__Your assignment__:
Return all the entries exactly. No pictures.

***** Data shown *****

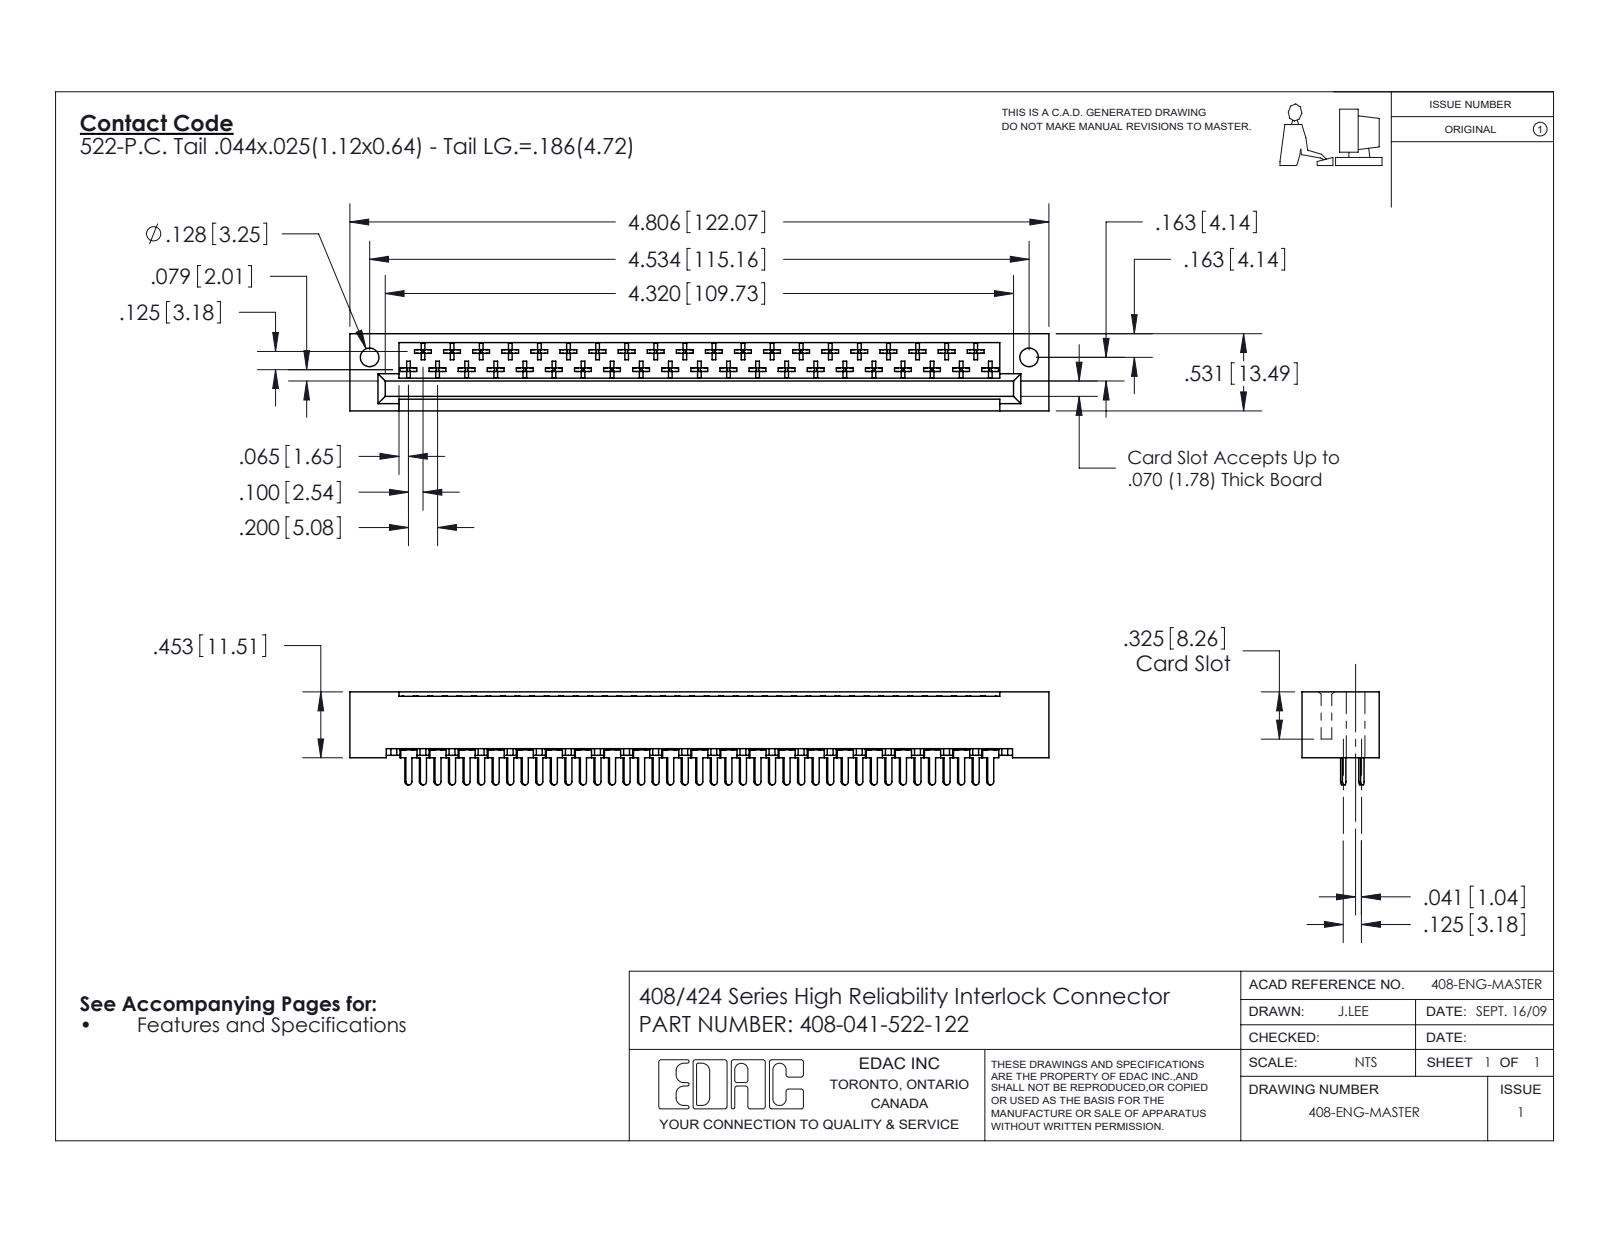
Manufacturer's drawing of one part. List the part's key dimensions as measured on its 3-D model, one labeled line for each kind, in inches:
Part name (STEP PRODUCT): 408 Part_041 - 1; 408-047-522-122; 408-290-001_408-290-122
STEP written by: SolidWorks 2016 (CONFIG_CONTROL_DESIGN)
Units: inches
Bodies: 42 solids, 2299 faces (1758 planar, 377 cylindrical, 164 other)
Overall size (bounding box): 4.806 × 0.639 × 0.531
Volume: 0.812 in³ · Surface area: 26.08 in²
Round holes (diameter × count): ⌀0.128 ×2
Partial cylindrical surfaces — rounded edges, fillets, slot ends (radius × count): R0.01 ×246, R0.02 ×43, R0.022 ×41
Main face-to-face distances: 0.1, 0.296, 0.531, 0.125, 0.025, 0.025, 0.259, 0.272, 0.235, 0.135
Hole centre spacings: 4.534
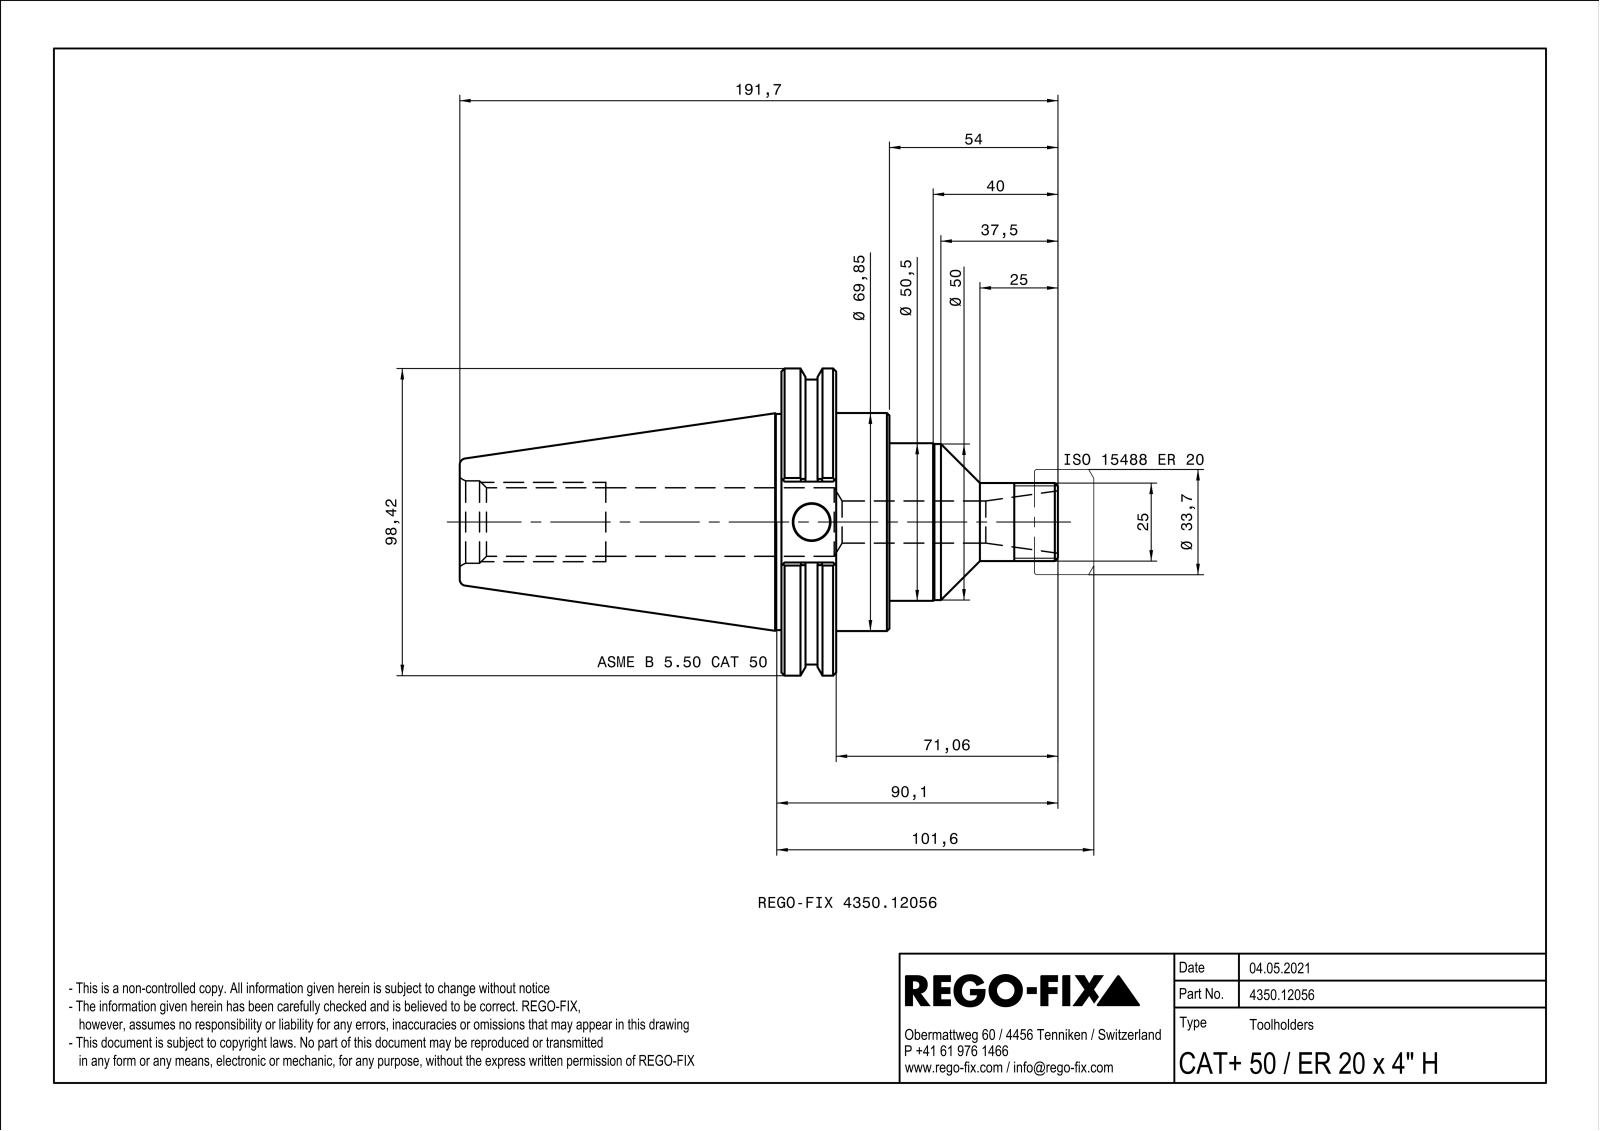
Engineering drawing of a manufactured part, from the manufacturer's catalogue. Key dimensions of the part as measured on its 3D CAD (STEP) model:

*****

__Solution for this exercise__:
Manufacturer's drawing of one part. List the part's key dimensions as measured on its 3-D model, one labeled line for each kind, in inches:
Part name (STEP PRODUCT): 408 Part_041 - 1; 408-047-522-122; 408-290-001_408-290-122
STEP written by: SolidWorks 2016 (CONFIG_CONTROL_DESIGN)
Units: inches
Bodies: 42 solids, 2299 faces (1758 planar, 377 cylindrical, 164 other)
Overall size (bounding box): 4.806 × 0.639 × 0.531
Volume: 0.812 in³ · Surface area: 26.08 in²
Round holes (diameter × count): ⌀0.128 ×2
Partial cylindrical surfaces — rounded edges, fillets, slot ends (radius × count): R0.01 ×246, R0.02 ×43, R0.022 ×41
Main face-to-face distances: 0.1, 0.296, 0.531, 0.125, 0.025, 0.025, 0.259, 0.272, 0.235, 0.135
Hole centre spacings: 4.534
Engineering drawing of a manufactured part, from the manufacturer's catalogue. Key dimensions of the part as measured on its 3D CAD (STEP) model:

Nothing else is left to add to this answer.